How could such a thesis have been methodically treated? If its treatment had not partaken of the vast incongruity of the subject it would have been artistically amiss. Worthy, but too serious souls have striven, and will no doubt for ever strive to find in Sartor Resartus a consistent and continuously developed 'argument'; but in vain! You may construct a theory of the matter which will carry you along for a time; but it will 'throw' you in the end. Book II. for instance, contains no doubt the fairly straightforward and consecutive 'Story of a Soul,'—Carlyle's or another's, in all probability Carlyle's; and encouraged by its coherence a sanguine reader attacks the third and last Book, in full belief that here at least 'the bearing' of the Professor's 'remarks' will be found to 'lie in the application of them.' But alas! the Professor is 'neither to hold nor to bind.' After three chapters of sufficiently plain sailing on the decay of creeds and churches, Teufelsdröckh is off in Chapter IV. in hot pursuit of a Socialistic hare. In the fifth he is eloquently describing the rise of a new Society, Phœnix-like, from the ashes of the old, and in the Sixth he is in Monmouth Street moralising over its cast clothes! Then, in the next chapter but one to that masterpiece of solemnly sustained burlesque, we are being borne along through the wonderful chapter on 'Natural Supernaturalism' to its magnificent close, perhaps the grandest and most awe-inspired exercise on the everlasting theme 'O World, O Life, O Time!' that exists in human language. And then—well then, within three pages, we are revelling in the broad buffoonery of 'The Dandiacal Body,' and the sardonic irony of the plea for Tailors. After which—Chapter the Last and Farewell.

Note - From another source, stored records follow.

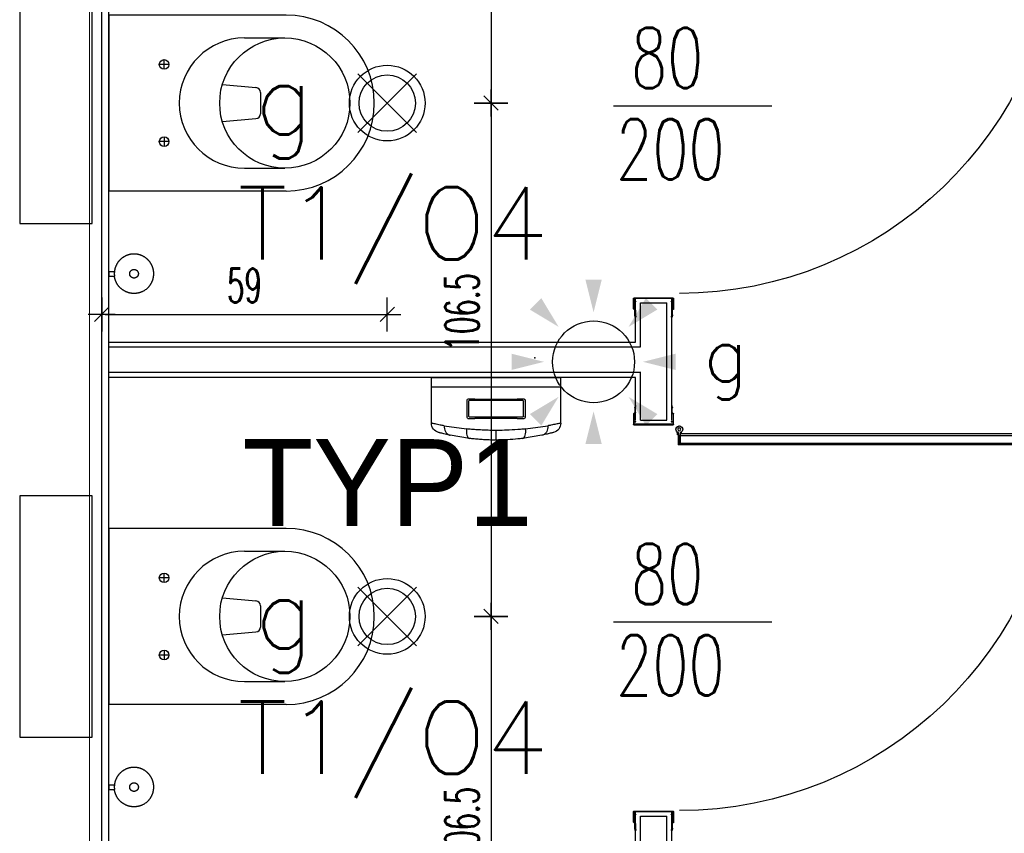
# Model space of a CAD drawing. Header units: centimetres. Extents: x -15121 to 30567, y -60641 to 0.
# Tile 116 of 256: x 6043 to 6247, y -25490 to -25321. Entities that reach past the tile are written whole.
import ezdxf
from ezdxf.enums import TextEntityAlignment as Align

# ---------------------------------------------------------------- set-up
doc = ezdxf.new("R2010")
doc.units = ezdxf.units.CM
doc.header["$LTSCALE"] = 60
for name, color, linetype in [('AIKA lampy i wyłaczniki2', 150, 'Continuous'), ('AIKA lampy sanitariaty', 3, 'Continuous'), ('AIKA sanitariaty', 7, 'Continuous'), ('AIKA TYNK', 5, 'Continuous'), ('AIKA widoki wymiarowanie', 7, 'Continuous'), ('AIKA widokowe', 7, 'Continuous'), ('E_Oświetlenie - czujki ruchu', 3, 'Continuous'), ('E_Oświetlenie - Numer obwodu', 1, 'Continuous'), ('E_Oświetlenie - Opis', 4, 'Continuous')]:
    doc.layers.add(name, color=color, linetype=linetype)
doc.layers.add('opisy', color=1, linetype='Continuous', lineweight=15)
doc.styles.add('RomanS', font='romans.shx')
doc.styles.add('SIMPLEX', font='simplex', dxfattribs={"width": 0.85})
doc.styles.add('TableTextStyle', font='txt')
doc.styles.add('wymiar', font='txt.shx', dxfattribs={"width": 0.6})
doc.dimstyles.new('Dwudziestka', dxfattribs={"dimtxt": 7, "dimasz": 0.7, "dimexe": 5, "dimexo": 0, "dimgap": 2.5, "dimtad": 1, "dimtoh": 1, "dimdec": 3, "dimrnd": 0.5, "dimdsep": 46, "dimtxsty": 'wymiar', "dimblk": 'znacznik', "dimcen": 0, "dimdle": 5, "dimse1": 1, "dimse2": 1, "dimclrd": 256, "dimclre": 256, "dimclrt": 256, "dimadec": 0, "dimazin": 0, "dimtfac": 0.4, "dimtdec": 3, "dimtix": 1, "dimtofl": 0, "dimtmove": 2, "dimatfit": 3, "dimldrblk": 'znacznik', "dimfxl": 1, "dimtolj": 1, "dimarcsym": 0})

# ---------------------------------------------------------------- blocks, each defined once
blk = doc.blocks.new('toaleta top')
at = {"layer": 'AIKA sanitariaty'}
for p, q in [((-18.25, 39.75), (-18.25, 3)), ((-13.5, 31.08), (-13.5, 39.45)), ((13.5, 31.08), (13.5, 39.45)), ((18.25, 39.75), (18.25, 3)), ((-3.85, 26.52), (-3.22, 33.48)), ((-2.22, 34.39), (2.22, 34.39)), ((3.85, 26.52), (3.22, 33.48)), ((-7, 14.44), (-9, 14.44)), ((-8, 15.44), (-8, 13.44)), ((7, 14.44), (9, 14.44)), ((8, 15.44), (8, 13.44)), ((-18.25, 3), (18.25, 3)), ((25, -0.5), (-25, -0.5)), ((-25, -0.5), (-25, -15.5)), ((25, -15.5), (25, -0.5)), ((-25, -15.5), (25, -15.5))]:
    blk.add_line(p, q, dxfattribs=at)
for centre, radius in [((0, 39.45), 13.5), ((-8, 14.44), 1), ((8, 14.44), 1)]:
    blk.add_circle(centre, radius, dxfattribs=at)
for centre, radius, start, end in [((0, 39.75), 18.25, 0, 180), ((-2.22, 33.39), 1, 90, 174.822), ((2.22, 33.39), 1, 5.178, 90), ((0, 31.08), 13.5, 180, 0)]:
    blk.add_arc(centre, radius, start, end, dxfattribs=at)
blk = doc.blocks.new('sl parawan')
at = {"layer": 'AIKA widokowe'}
for p, q in [((-59.55, 119.81), (-59.55, 117.6)), ((-51.3, 119.88), (-59.48, 119.88)), ((-59.42, 119.23), (-59.42, 119.75)), ((-59.42, 119.75), (-51.37, 119.75)), ((-59.05, 119.23), (-59.42, 119.23)), ((-59.42, 117.6), (-59.42, 119.16)), ((-59.42, 119.16), (-59.05, 119.16)), ((-59.15, 94.57), (-59.15, 119.75)), ((-59.05, 119.16), (-59.05, 119.23)), ((-58.15, 94.57), (-58.15, 118.88)), ((-52.65, 118.88), (-58.15, 118.88)), ((-52.65, 109.72), (-52.65, 118.88)), ((-51.37, 119.23), (-51.74, 119.23)), ((-51.74, 119.23), (-51.74, 119.16)), ((-51.74, 119.16), (-51.37, 119.16)), ((-51.65, 110.72), (-51.65, 119.75)), ((-51.37, 119.75), (-51.37, 119.23)), ((-51.37, 119.16), (-51.37, 117.6)), ((-51.24, 117.6), (-51.24, 119.81)), ((-59.28, 116.4), (-59.3, 116.33)), ((-59.27, 117.32), (-59.27, 116.42)), ((-59.18, 116.3), (-59.16, 116.34)), ((-59.14, 116.42), (-59.14, 117.32)), ((-51.65, 117.32), (-51.65, 116.42)), ((-51.63, 116.34), (-51.61, 116.3)), ((-51.52, 116.42), (-51.52, 117.32)), ((-51.49, 116.33), (-51.51, 116.4)), ((-59.31, 116.3), (-59.23, 115.93)), ((-59.1, 115.96), (-59.18, 116.3)), ((-51.61, 116.3), (-51.69, 115.96)), ((-51.56, 115.93), (-51.48, 116.3)), ((57.5, 110.72), (-51.65, 110.72)), ((57.5, 109.72), (-52.65, 109.72)), ((-52.65, 94.57), (-52.65, 104.54)), ((-52.65, 104.42), (57.5, 104.42)), ((-51.65, 94.57), (-51.65, 103.42)), ((-51.65, 103.42), (57.5, 103.42)), ((-51.65, 103.42), (57.5, 103.42)), ((-59.31, 97.15), (-59.23, 97.52)), ((-59.28, 97.05), (-59.3, 97.12)), ((-59.27, 96.13), (-59.27, 97.03)), ((-59.1, 97.49), (-59.18, 97.15)), ((-59.18, 97.15), (-59.16, 97.11)), ((-59.14, 97.03), (-59.14, 96.13)), ((-51.61, 97.15), (-51.69, 97.49)), ((-51.65, 96.13), (-51.65, 97.03)), ((-51.63, 97.11), (-51.61, 97.15)), ((-51.56, 97.52), (-51.48, 97.15)), ((-51.52, 97.03), (-51.52, 96.13)), ((-51.49, 97.12), (-51.51, 97.05)), ((-59.55, 93.63), (-59.55, 95.85)), ((-59.42, 95.85), (-59.42, 94.29)), ((-59.42, 94.29), (-59.05, 94.29)), ((-59.05, 94.22), (-59.42, 94.22)), ((-59.42, 94.22), (-59.42, 93.7)), ((-59.05, 94.29), (-59.05, 94.22)), ((-52.65, 94.57), (-58.15, 94.57)), ((-51.74, 94.22), (-51.74, 94.29)), ((-51.74, 94.29), (-51.37, 94.29)), ((-51.37, 94.22), (-51.74, 94.22)), ((-51.37, 94.29), (-51.37, 95.85)), ((-51.37, 93.7), (-51.37, 94.22)), ((-51.24, 95.85), (-51.24, 93.63)), ((-61.12, 92.08), (-61.12, 91.81)), ((-60.92, 91.98), (-60.92, 89.6)), ((-60.52, 89.7), (-60.52, 91.98)), ((-60.32, 91.48), (-60.32, 92.08)), ((-51.3, 93.57), (-59.48, 93.57)), ((-59.42, 93.7), (-51.37, 93.7)), ((-139.62, 91.33), (-60.52, 91.33)), ((-139.62, 91.33), (-60.52, 91.33)), ((-60.99, 91.81), (-139.06, 91.81)), ((-61.12, 91.81), (-60.92, 91.81)), ((-60.92, 91.81), (-60.92, 89.7)), ((-60.92, 89.77), (-60.92, 91.75)), ((-60.52, 89.6), (-60.52, 91.48)), ((-60.52, 91.48), (-60.32, 91.48)), ((-60.52, 91.33), (-60.52, 89.53)), ((-60.52, 89.53), (-139.62, 89.53)), ((-60.52, 89.53), (-139.62, 89.53)), ((-139.06, 89.7), (-60.99, 89.7)), ((-60.92, 89.7), (-60.52, 89.7)), ((-60.92, 89.6), (-60.52, 89.6)), ((-59.55, 13.39), (-59.55, 11.18)), ((-51.3, 13.46), (-59.48, 13.46)), ((-59.42, 12.81), (-59.42, 13.33)), ((-59.42, 13.33), (-51.37, 13.33)), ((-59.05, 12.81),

No! Let the commentator too enamoured of method desist from his useless labours and leave Sartor Resartus to stand for what it is—a fantastic but splendid rhapsody, laden with thought, glowing with imagination and passion, pungent with irony; to the prosaic a stumbling-block, and to the humourless foolishness, but to all who bring to the reading of it some slight share of its own qualities an unfailing source of spiritual refreshment and intellectual delight.